Near death experiences (NDEs) have been reported throughout human history in a wide variety of cultures. In the past 20 years an explosion of accounts of such experiences occurring to those surviving coma, cardiac arrest, and noninjurious near fatal brushes with death has been reported. Such events occur to a broad cross section of society, including children, and are variously estimated to occur in between 10% and 90% of near-death situations. A number of similar elements are common to NDEs, including out-of-body experiences (OBEs), hearing buzzing or rushing sounds, entering into a void or a tunnel, seeing or entering into a bright spiritual light, encountering a border or limit, and the subjective perception of making a conscious choice or being forced to return to the body.
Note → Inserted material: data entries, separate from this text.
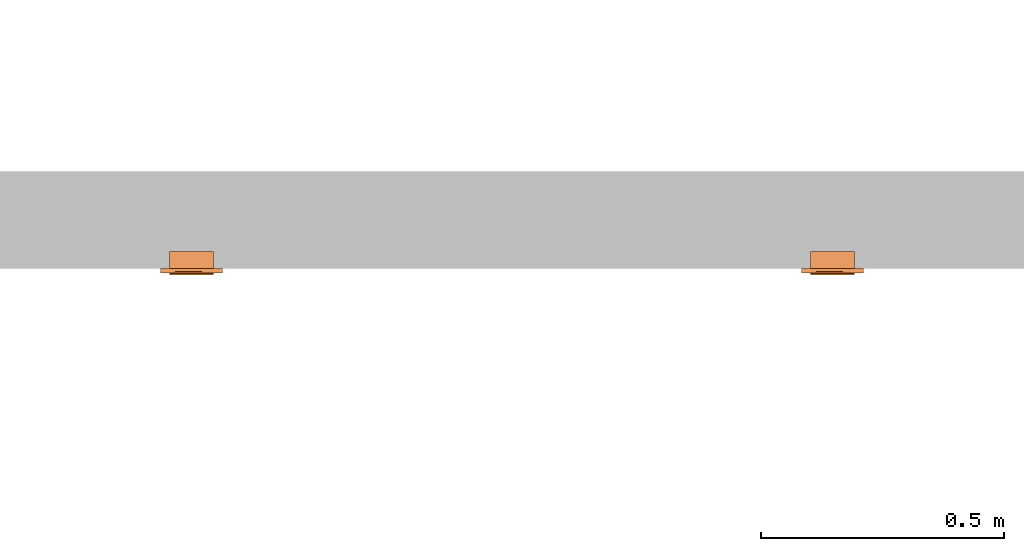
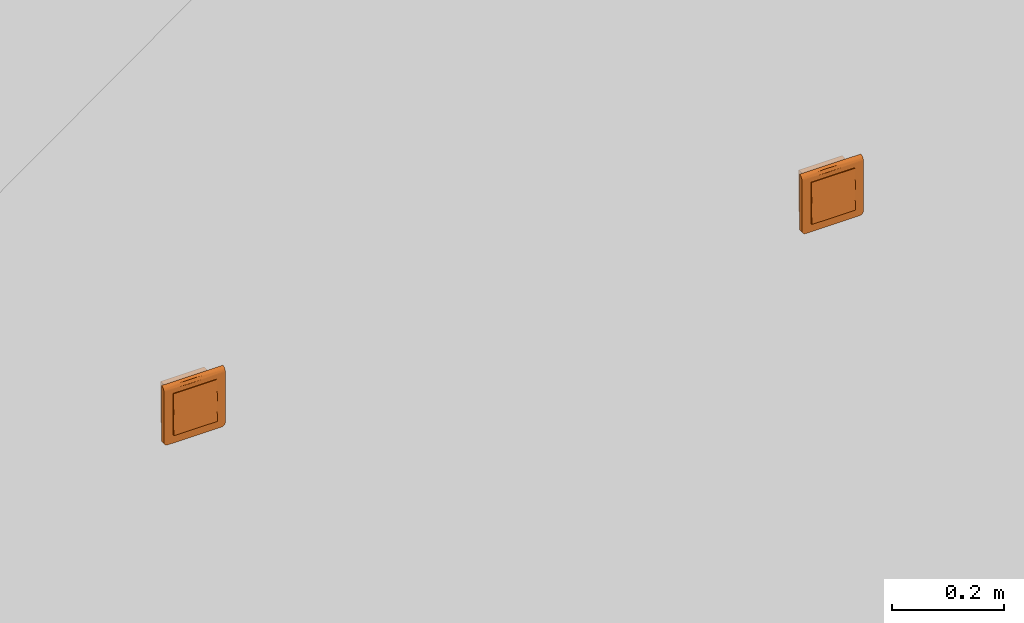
# One storey, part 148 of 197: 2 proxies.
"""IFC2X3 building model written with IfcOpenShell, lengths in metres."""

from ifc_helpers import new_model, entity, si_unit, converted_unit, direction, frame, origin, place, context, subcontext, project, spatial, faceted_brep, source, transform, mapped, material, material_list, type_object, type_shapes, element, save


model = new_model("IFC2X3")

# Units and contexts
model_context = context("Model", 3, precision=1e-05, world=origin(), true_north=direction((6.123031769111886e-17, 1.0)))
body_context = subcontext(model_context, "Body", "Model", "MODEL_VIEW")
ifc_project = project(units=[si_unit("LENGTHUNIT", "METRE"), converted_unit("PLANEANGLEUNIT", "DEGREE", entity("IfcPlaneAngleMeasure", 0.017453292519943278), si_unit("PLANEANGLEUNIT", "RADIAN"), dimensions=[0, 0, 0, 0, 0, 0, 0]), si_unit("AREAUNIT", "SQUARE_METRE")], contexts=[model_context])

# Site, building, storey
site_placement = place(None, origin())
site = spatial("IfcSite", under=ifc_project, at=site_placement, Name="Default", CompositionType="ELEMENT")
building_placement = place(site_placement, origin())
building = spatial("IfcBuilding", under=site, at=building_placement, CompositionType="ELEMENT")
storey_placement = place(building_placement, origin())
storey = spatial("IfcBuildingStorey", under=building, at=storey_placement, Name="Niveau 0", CompositionType="ELEMENT", Elevation=0.0)

# Proxies
ifc_material_1 = material(Name="<Unnamed>")
ifc_material_2 = material(Name="BETCE-DOIGT-BLANC")
ifc_material_3 = material(Name="BETCE-ENJOLIVEUR-BLANC")
ifc_material_list = material_list([ifc_material_1, ifc_material_2, ifc_material_3])
building_element_proxy_type_1 = type_object("IfcBuildingElementProxyType", Name="Tableau commande 2x4 modules encastré:8 BP", PredefinedType="NOTDEFINED", material=ifc_material_list)
shared_shape_1 = source(origin(), body_context, "Body", "Brep", [
    faceted_brep([(0.04499999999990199, 0.0, 0.0), (0.04499999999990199, 0.03499999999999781, 0.0), (0.022499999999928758, 0.03499999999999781, 0.0), (0.022499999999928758, 0.0, 0.0), (0.04499999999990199, 0.0, -0.045000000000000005), (0.022499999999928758, 0.0, -0.045000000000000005), (0.022499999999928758, 0.03499999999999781, -0.045000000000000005), (0.04499999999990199, 0.03499999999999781, -0.045000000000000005)], [[[0, 1, 2, 3]], [[4, 5, 6, 7]], [[1, 0, 4, 7]], [[2, 1, 7, 6]], [[3, 2, 6, 5]], [[0, 3, 5, 4]]]),
    faceted_brep([(0.04499999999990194, 0.0, 0.045000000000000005), (0.04499999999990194, 0.03499999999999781, 0.045000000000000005), (0.022499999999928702, 0.03499999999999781, 0.045000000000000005), (0.022499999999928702, 0.0, 0.045000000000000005), (0.04499999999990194, 0.0, 0.0), (0.022499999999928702, 0.0, 0.0), (0.022499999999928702, 0.03499999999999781, 0.0), (0.04499999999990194, 0.03499999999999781, 0.0)], [[[0, 1, 2, 3]], [[4, 5, 6, 7]], [[1, 0, 4, 7]], [[2, 1, 7, 6]], [[3, 2, 6, 5]], [[0, 3, 5, 4]]]),
    faceted_brep([(0.022499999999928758, 0.0, 0.0), (0.022499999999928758, 0.03499999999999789, 0.0), (0.0, 0.03499999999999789, 0.0), (0.0, 0.0, 0.0), (0.022499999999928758, 0.0, -0.045000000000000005), (0.0, 0.0, -0.045000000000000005), (0.0, 0.03499999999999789, -0.045000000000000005), (0.022499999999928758, 0.03499999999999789, -0.045000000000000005)], [[[0, 1, 2, 3]], [[4, 5, 6, 7]], [[1, 0, 4, 7]], [[2, 1, 7, 6]], [[3, 2, 6, 5]], [[0, 3, 5, 4]]]),
    faceted_brep([(0.0224999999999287, 0.0, 0.045000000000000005), (0.0224999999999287, 0.03499999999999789, 0.045000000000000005), (0.0, 0.03499999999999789, 0.045000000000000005), (0.0, 0.0, 0.045000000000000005), (0.0224999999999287, 0.0, 0.0), (0.0, 0.0, 0.0), (0.0, 0.03499999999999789, 0.0), (0.0224999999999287, 0.03499999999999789, 0.0)], [[[0, 1, 2, 3]], [[4, 5, 6, 7]], [[1, 0, 4, 7]], [[2, 1, 7, 6]], [[3, 2, 6, 5]], [[0, 3, 5, 4]]]),
    faceted_brep([(0.0, 0.0, 0.0), (0.0, 0.034999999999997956, 0.0), (-0.022500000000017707, 0.034999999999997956, 0.0), (-0.022500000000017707, 0.0, 0.0), (0.0, 0.0, -0.045000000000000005), (-0.022500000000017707, 0.0, -0.045000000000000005), (-0.022500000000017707, 0.034999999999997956, -0.045000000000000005), (0.0, 0.034999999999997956, -0.045000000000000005)], [[[0, 1, 2, 3]], [[4, 5, 6, 7]], [[1, 0, 4, 7]], [[2, 1, 7, 6]], [[3, 2, 6, 5]], [[0, 3, 5, 4]]]),
    faceted_brep([(0.0, 0.0, 0.045000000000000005), (0.0, 0.034999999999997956, 0.045000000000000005), (-0.022500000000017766, 0.034999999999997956, 0.045000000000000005), (-0.022500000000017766, 0.0, 0.045000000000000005), (0.0, 0.0, 0.0), (-0.022500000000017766, 0.0, 0.0), (-0.022500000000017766, 0.034999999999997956, 0.0), (0.0, 0.034999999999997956, 0.0)], [[[0, 1, 2, 3]], [[4, 5, 6, 7]], [[1, 0, 4, 7]], [[2, 1, 7, 6]], [[3, 2, 6, 5]], [[0, 3, 5, 4]]]),
    faceted_brep([(-0.02250000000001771, 0.0, 0.0), (-0.02250000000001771, 0.034999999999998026, 0.0), (-0.044999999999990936, 0.034999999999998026, 0.0), (-0.044999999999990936, 0.0, 0.0), (-0.02250000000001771, 0.0, -0.045000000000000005), (-0.044999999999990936, 0.0, -0.045000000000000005), (-0.044999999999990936, 0.034999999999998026, -0.045000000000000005), (-0.02250000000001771, 0.034999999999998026, -0.045000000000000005)], [[[0, 1, 2, 3]], [[4, 5, 6, 7]], [[1, 0, 4, 7]], [[2, 1, 7, 6]], [[3, 2, 6, 5]], [[0, 3, 5, 4]]]),
    faceted_brep([(-0.022500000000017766, 0.0, 0.045000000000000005), (-0.022500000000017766, 0.034999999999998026, 0.045000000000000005), (-0.044999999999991, 0.034999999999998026, 0.045000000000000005), (-0.044999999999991, 0.0, 0.045000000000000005), (-0.022500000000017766, 0.0, 0.0), (-0.044999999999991, 0.0, 0.0), (-0.044999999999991, 0.034999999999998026, 0.0), (-0.022500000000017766, 0.034999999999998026, 0.0)], [[[0, 1, 2, 3]], [[4, 5, 6, 7]], [[1, 0, 4, 7]], [[2, 1, 7, 6]], [[3, 2, 6, 5]], [[0, 3, 5, 4]]]),
    faceted_brep([(0.022499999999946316, 0.0, -0.045000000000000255), (0.022499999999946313, 0.0, 0.0), (0.04499999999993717, 0.0, 0.0), (0.04499999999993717, 0.0, -0.045000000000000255), (0.022499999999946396, -0.012750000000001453, -0.045000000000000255), (0.022499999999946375, -0.010500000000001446, 0.0), (0.044999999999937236, -0.010500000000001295, 0.0), (0.04499999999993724, -0.012750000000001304, -0.045000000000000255)], [[[0, 1, 2, 3]], [[1, 0, 4, 5]], [[2, 1, 5, 6]], [[3, 2, 6, 7]], [[0, 3, 7, 4]], [[5, 4, 7, 6]]]),
    faceted_brep([(0.0, 0.0, -0.04500000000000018), (0.0, 0.0, 0.0), (0.022499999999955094, 0.0, 0.0), (0.022499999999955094, 0.0, -0.04500000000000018), (0.0, -0.012750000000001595, -0.04500000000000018), (0.0, -0.010500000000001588, 0.0), (0.022499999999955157, -0.01050000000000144, 0.0), (0.022499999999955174, -0.012750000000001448, -0.04500000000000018)], [[[0, 1, 2, 3]], [[1, 0, 4, 5]], [[2, 1, 5, 6]], [[3, 2, 6, 7]], [[0, 3, 7, 4]], [[5, 4, 7, 6]]]),
    faceted_brep([(-0.022500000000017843, 0.0, -0.0450000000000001), (-0.022500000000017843, 0.0, 0.0), (0.0, 0.0, 0.0), (0.0, 0.0, -0.0450000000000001), (-0.02250000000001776, -0.012750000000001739, -0.0450000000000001), (-0.022500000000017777, -0.010500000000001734, 0.0), (0.0, -0.010500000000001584, 0.0), (0.0, -0.012750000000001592, -0.0450000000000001)], [[[0, 1, 2, 3]], [[1, 0, 4, 5]], [[2, 1, 5, 6]], [[3, 2, 6, 7]], [[0, 3, 7, 4]], [[5, 4, 7, 6]]]),
    faceted_brep([(-0.04499999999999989, 0.0, -0.045000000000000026), (-0.04499999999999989, 0.0, 0.0), (-0.022500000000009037, 0.0, 0.0), (-0.022500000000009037, 0.0, -0.045000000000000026), (-0.04499999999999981, -0.012750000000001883, -0.045000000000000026), (-0.04499999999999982, -0.010500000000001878, 0.0), (-0.022500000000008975, -0.01050000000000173, 0.0), (-0.022500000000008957, -0.012750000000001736, -0.045000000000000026)], [[[0, 1, 2, 3]], [[1, 0, 4, 5]], [[2, 1, 5, 6]], [[3, 2, 6, 7]], [[0, 3, 7, 4]], [[5, 4, 7, 6]]]),
    faceted_brep([(0.02249999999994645, -0.010500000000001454, 0.04499999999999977), (0.022499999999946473, -0.012750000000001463, 0.0), (0.04499999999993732, -0.012750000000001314, 0.0), (0.044999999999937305, -0.010500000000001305, 0.04499999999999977), (0.022499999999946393, 0.0, 0.0), (0.02249999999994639, 0.0, 0.04499999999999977), (0.04499999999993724, 0.0, 0.04499999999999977), (0.04499999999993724, 0.0, 0.0)], [[[0, 1, 2, 3]], [[4, 5, 6, 7]], [[5, 4, 1, 0]], [[6, 5, 0, 3]], [[7, 6, 3, 2]], [[4, 7, 2, 1]]]),
    faceted_brep([(0.0, -0.010500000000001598, 0.044999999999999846), (0.0, -0.012750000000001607, 0.0), (0.02249999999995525, -0.012750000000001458, 0.0), (0.022499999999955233, -0.010500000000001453, 0.044999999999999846), (0.0, 0.0, 0.0), (0.0, 0.0, 0.044999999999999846), (0.02249999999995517, 0.0, 0.04499999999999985), (0.02249999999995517, 0.0, 0.0)], [[[0, 1, 2, 3]], [[4, 5, 6, 7]], [[5, 4, 1, 0]], [[6, 5, 0, 3]], [[7, 6, 3, 2]], [[4, 7, 2, 1]]]),
    faceted_brep([(-0.0225000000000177, -0.010500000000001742, 0.04499999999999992), (-0.022500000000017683, -0.01275000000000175, 0.0), (0.0, -0.012750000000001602, 0.0), (0.0, -0.010500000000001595, 0.04499999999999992), (-0.022500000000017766, 0.0, 0.0), (-0.022500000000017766, 0.0, 0.04499999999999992), (0.0, 0.0, 0.04499999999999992), (0.0, 0.0, 0.0)], [[[0, 1, 2, 3]], [[4, 5, 6, 7]], [[5, 4, 1, 0]], [[6, 5, 0, 3]], [[7, 6, 3, 2]], [[4, 7, 2, 1]]]),
    faceted_brep([(-0.044999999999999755, -0.010500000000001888, 0.045), (-0.044999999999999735, -0.012750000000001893, 0.0), (-0.02250000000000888, -0.012750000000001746, 0.0), (-0.0225000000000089, -0.010500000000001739, 0.045), (-0.04499999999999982, 0.0, 0.0), (-0.04499999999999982, 0.0, 0.045), (-0.022500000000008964, 0.0, 0.045000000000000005), (-0.022500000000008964, 0.0, 0.0)], [[[0, 1, 2, 3]], [[4, 5, 6, 7]], [[5, 4, 1, 0]], [[6, 5, 0, 3]], [[7, 6, 3, 2]], [[4, 7, 2, 1]]]),
    faceted_brep([(0.06350000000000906, -0.009000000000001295, -0.055500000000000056), (0.06350000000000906, -0.009000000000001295, 0.05450000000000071), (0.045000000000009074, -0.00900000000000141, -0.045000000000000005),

Anecdotal cases exist in which the reality of the out-of-body perceptions can be independently verified by external conditions, situations, people, and objects. Childhood experiences are often compelling because children have a different perception of death than adults. Their experiences are simple and reveal a core NDE that is universal to the human dying experience.

The various elements of the experience can be replicated by electrical stimulation studies of the temporal lobe or by hallucinogenic drugs. It is possible that hallucinogenic neurotransmitters play a role in the NDE. Wish fulfillment, death denial, dissociative psychologic trauma, and other psychologic defense mechanisms have been advanced to explain the experiences. Regardless of cause, the experiences are apparently transformative, resulting in decreased death anxiety, heightened spiritual perceptions and awareness, increased subjectively perceived psychic abilities, and decreased symptoms of depression and anxiety. Adults who had NDEs as children describe themselves as living mentally and physically healthy lives, even donating more money to charity than control populations.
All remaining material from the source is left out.